··· Data extracts ···
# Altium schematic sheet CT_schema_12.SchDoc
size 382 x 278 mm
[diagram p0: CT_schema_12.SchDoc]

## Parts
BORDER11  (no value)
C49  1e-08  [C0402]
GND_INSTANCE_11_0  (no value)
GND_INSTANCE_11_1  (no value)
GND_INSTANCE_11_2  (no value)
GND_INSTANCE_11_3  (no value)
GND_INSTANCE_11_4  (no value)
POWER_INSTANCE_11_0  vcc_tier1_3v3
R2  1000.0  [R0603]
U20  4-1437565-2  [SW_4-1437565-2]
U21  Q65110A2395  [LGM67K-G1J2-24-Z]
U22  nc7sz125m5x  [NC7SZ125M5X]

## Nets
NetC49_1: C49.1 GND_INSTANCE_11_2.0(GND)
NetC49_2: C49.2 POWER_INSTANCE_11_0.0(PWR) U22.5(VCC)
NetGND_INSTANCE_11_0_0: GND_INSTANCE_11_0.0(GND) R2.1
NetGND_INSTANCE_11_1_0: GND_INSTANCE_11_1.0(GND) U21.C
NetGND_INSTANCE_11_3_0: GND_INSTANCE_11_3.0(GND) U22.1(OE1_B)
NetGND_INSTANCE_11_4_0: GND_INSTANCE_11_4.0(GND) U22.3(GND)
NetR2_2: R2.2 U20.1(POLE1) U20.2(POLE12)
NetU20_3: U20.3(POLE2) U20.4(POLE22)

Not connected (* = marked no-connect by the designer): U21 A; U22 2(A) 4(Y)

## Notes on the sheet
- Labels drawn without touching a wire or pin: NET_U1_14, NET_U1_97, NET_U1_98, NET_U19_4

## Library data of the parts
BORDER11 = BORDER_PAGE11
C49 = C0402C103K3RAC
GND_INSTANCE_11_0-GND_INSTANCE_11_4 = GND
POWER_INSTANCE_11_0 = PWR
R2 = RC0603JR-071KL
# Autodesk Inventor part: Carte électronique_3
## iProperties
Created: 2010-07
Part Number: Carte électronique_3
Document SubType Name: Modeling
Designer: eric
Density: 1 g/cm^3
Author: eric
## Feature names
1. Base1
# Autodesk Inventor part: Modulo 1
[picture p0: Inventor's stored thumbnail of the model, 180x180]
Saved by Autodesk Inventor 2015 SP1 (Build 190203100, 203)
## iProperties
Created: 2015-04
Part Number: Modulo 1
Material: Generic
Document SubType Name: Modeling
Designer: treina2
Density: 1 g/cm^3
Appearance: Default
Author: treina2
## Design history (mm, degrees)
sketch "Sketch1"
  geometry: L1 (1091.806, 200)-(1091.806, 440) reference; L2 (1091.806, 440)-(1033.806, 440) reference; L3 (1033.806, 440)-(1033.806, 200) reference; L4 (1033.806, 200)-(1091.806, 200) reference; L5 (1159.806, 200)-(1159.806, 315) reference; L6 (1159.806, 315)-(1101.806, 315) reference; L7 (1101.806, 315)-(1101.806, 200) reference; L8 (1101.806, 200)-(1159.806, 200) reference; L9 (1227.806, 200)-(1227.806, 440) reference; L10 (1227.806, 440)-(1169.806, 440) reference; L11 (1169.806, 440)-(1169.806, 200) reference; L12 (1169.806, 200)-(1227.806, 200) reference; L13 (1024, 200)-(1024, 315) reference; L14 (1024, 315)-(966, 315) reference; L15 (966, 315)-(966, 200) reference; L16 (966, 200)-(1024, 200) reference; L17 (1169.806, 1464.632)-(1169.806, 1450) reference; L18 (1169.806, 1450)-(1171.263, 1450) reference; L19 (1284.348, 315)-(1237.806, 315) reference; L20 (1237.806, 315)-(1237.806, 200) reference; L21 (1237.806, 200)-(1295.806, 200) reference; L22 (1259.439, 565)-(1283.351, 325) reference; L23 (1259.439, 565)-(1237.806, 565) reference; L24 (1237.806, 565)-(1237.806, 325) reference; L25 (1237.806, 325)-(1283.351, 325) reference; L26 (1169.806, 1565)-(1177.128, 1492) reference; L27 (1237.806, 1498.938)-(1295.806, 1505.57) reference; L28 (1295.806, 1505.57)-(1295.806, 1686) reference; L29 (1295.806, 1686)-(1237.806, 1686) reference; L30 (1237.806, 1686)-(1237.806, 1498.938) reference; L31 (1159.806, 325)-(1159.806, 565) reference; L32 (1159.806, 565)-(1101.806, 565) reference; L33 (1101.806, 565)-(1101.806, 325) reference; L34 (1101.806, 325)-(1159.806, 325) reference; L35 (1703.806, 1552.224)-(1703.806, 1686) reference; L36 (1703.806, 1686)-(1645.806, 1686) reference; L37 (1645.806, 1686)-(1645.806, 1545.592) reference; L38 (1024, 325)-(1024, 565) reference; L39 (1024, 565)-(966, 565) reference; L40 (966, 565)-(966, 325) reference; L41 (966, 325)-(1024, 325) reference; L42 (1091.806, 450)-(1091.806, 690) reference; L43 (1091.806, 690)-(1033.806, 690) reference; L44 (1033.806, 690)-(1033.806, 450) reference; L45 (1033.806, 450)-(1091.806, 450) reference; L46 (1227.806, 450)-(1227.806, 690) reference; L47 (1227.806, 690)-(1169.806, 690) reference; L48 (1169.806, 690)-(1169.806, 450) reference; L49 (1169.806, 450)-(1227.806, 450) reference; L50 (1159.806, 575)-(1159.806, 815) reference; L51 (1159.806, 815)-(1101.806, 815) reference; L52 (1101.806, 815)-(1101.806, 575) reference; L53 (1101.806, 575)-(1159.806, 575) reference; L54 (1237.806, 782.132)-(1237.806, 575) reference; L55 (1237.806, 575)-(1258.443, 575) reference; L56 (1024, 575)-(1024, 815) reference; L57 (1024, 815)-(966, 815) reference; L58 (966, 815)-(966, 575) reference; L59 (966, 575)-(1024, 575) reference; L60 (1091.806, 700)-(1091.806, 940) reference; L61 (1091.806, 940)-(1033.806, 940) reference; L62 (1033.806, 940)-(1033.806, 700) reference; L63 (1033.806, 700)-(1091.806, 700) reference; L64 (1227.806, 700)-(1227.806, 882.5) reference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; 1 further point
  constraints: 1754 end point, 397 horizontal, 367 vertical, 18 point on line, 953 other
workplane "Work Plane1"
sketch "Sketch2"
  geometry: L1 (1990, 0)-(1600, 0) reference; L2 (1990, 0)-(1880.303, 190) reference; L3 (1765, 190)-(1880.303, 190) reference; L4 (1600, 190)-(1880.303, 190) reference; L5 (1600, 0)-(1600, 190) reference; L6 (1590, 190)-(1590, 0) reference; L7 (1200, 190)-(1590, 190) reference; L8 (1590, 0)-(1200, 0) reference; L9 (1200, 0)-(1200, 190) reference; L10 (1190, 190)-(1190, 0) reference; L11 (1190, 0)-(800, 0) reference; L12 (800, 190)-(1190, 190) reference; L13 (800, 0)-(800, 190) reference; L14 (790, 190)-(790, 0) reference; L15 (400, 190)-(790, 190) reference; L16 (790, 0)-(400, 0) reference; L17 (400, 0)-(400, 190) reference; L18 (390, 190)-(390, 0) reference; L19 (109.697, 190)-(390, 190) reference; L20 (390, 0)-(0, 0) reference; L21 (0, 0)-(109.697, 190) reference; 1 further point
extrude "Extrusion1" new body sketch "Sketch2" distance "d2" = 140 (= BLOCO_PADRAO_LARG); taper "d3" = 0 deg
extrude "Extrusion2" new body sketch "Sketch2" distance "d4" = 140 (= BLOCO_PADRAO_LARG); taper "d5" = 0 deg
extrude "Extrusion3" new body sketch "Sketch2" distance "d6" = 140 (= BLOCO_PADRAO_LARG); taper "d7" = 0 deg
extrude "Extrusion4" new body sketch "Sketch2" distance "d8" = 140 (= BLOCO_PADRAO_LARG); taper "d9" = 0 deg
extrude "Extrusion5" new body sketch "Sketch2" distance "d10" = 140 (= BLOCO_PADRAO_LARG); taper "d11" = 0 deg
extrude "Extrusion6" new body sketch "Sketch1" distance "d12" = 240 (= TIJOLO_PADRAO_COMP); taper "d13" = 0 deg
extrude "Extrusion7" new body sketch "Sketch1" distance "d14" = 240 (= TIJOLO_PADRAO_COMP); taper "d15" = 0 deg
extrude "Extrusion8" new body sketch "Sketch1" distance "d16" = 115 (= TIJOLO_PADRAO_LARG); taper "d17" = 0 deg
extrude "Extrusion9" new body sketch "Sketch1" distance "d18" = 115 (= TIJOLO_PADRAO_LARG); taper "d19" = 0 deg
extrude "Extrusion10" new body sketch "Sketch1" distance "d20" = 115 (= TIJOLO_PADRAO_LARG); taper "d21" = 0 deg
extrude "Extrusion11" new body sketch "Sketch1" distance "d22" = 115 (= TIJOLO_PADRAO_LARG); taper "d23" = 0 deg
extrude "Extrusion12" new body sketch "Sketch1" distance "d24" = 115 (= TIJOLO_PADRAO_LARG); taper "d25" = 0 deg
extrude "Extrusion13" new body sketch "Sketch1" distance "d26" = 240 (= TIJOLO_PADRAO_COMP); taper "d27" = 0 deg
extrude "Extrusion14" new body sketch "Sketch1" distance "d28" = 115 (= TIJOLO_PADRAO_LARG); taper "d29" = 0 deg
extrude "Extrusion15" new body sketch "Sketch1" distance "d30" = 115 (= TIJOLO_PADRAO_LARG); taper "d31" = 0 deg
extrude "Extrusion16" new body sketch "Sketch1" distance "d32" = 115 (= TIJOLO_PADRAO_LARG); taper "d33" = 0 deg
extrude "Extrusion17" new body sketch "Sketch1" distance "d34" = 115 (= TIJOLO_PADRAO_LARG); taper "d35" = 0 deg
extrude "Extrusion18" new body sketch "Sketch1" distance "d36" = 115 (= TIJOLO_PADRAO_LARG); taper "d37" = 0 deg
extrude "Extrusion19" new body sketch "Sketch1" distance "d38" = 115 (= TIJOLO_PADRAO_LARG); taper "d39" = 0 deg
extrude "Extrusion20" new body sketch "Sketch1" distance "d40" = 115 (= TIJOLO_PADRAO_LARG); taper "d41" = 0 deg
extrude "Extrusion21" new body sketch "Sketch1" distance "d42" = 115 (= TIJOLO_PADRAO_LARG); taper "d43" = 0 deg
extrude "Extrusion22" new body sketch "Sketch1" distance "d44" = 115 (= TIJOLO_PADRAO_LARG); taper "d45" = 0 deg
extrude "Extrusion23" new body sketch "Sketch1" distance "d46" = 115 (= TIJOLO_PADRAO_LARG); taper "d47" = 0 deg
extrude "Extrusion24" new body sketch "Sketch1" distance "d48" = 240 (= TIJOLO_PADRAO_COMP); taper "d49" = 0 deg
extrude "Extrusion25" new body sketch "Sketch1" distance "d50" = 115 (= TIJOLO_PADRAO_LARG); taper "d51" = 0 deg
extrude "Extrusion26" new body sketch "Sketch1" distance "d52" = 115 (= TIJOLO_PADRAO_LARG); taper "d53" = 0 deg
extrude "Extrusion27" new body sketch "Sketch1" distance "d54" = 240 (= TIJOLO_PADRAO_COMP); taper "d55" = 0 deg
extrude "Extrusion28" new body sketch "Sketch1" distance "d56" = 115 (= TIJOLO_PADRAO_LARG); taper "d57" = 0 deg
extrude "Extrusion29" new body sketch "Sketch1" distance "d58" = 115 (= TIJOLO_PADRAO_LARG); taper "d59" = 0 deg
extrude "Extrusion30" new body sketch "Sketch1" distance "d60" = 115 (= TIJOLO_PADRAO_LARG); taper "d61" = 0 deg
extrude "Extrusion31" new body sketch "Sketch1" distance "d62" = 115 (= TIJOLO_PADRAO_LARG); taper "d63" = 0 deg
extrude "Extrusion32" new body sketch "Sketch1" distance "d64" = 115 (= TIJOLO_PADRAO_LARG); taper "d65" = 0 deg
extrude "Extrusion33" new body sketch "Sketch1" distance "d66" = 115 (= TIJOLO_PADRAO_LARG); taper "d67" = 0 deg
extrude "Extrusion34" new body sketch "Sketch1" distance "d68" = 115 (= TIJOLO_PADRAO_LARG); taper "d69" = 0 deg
···
### Exercise instructions
Wherever a line above contains the string "sheet", copy that line.

### Exercise solution
# Altium schematic sheet CT_schema_12.SchDoc
## Notes on the sheet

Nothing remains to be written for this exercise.